TASK INSTRUCTIONS — Restate the records exactly. Include all of them.

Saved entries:
:::::

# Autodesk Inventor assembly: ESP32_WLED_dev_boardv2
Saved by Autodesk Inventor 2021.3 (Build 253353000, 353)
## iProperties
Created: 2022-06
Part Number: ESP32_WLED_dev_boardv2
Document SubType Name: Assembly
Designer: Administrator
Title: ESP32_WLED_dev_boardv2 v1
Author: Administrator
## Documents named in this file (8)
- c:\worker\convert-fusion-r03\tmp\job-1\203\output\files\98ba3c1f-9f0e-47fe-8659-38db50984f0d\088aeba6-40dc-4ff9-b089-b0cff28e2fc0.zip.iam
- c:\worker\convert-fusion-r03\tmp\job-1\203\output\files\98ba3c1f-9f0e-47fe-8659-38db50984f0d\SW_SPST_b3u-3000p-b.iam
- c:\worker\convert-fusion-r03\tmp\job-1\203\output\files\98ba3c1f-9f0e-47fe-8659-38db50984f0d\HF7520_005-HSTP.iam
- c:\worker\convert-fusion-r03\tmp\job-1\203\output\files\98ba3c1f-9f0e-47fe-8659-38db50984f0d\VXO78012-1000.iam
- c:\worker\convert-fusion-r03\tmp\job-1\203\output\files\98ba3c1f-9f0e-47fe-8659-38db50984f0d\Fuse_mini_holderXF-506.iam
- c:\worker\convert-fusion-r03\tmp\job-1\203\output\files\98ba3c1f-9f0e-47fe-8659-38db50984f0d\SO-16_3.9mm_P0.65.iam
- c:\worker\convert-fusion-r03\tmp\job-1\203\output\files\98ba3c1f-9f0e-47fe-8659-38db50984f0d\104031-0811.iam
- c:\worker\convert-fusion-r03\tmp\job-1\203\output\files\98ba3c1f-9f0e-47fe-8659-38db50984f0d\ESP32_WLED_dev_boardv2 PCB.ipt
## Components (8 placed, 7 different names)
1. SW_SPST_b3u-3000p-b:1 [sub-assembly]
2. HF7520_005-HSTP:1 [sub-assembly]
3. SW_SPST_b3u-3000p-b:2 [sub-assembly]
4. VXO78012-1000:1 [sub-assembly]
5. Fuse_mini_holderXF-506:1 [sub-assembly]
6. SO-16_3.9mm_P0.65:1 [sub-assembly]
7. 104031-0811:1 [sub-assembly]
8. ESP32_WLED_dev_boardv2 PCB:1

:::::

EXERCISE RESPONSE —
# Autodesk Inventor assembly: ESP32_WLED_dev_boardv2
Saved by Autodesk Inventor 2021.3 (Build 253353000, 353)
## iProperties
Created: 2022-06
Part Number: ESP32_WLED_dev_boardv2
Document SubType Name: Assembly
Designer: Administrator
Title: ESP32_WLED_dev_boardv2 v1
Author: Administrator
## Documents named in this file (8)
- c:\worker\convert-fusion-r03\tmp\job-1\203\output\files\98ba3c1f-9f0e-47fe-8659-38db50984f0d\088aeba6-40dc-4ff9-b089-b0cff28e2fc0.zip.iam
- c:\worker\convert-fusion-r03\tmp\job-1\203\output\files\98ba3c1f-9f0e-47fe-8659-38db50984f0d\SW_SPST_b3u-3000p-b.iam
- c:\worker\convert-fusion-r03\tmp\job-1\203\output\files\98ba3c1f-9f0e-47fe-8659-38db50984f0d\HF7520_005-HSTP.iam
- c:\worker\convert-fusion-r03\tmp\job-1\203\output\files\98ba3c1f-9f0e-47fe-8659-38db50984f0d\VXO78012-1000.iam
- c:\worker\convert-fusion-r03\tmp\job-1\203\output\files\98ba3c1f-9f0e-47fe-8659-38db50984f0d\Fuse_mini_holderXF-506.iam
- c:\worker\convert-fusion-r03\tmp\job-1\203\output\files\98ba3c1f-9f0e-47fe-8659-38db50984f0d\SO-16_3.9mm_P0.65.iam
- c:\worker\convert-fusion-r03\tmp\job-1\203\output\files\98ba3c1f-9f0e-47fe-8659-38db50984f0d\104031-0811.iam
- c:\worker\convert-fusion-r03\tmp\job-1\203\output\files\98ba3c1f-9f0e-47fe-8659-38db50984f0d\ESP32_WLED_dev_boardv2 PCB.ipt
## Components (8 placed, 7 different names)
1. SW_SPST_b3u-3000p-b:1 [sub-assembly]
2. HF7520_005-HSTP:1 [sub-assembly]
3. SW_SPST_b3u-3000p-b:2 [sub-assembly]
4. VXO78012-1000:1 [sub-assembly]
5. Fuse_mini_holderXF-506:1 [sub-assembly]
6. SO-16_3.9mm_P0.65:1 [sub-assembly]
7. 104031-0811:1 [sub-assembly]
8. ESP32_WLED_dev_boardv2 PCB:1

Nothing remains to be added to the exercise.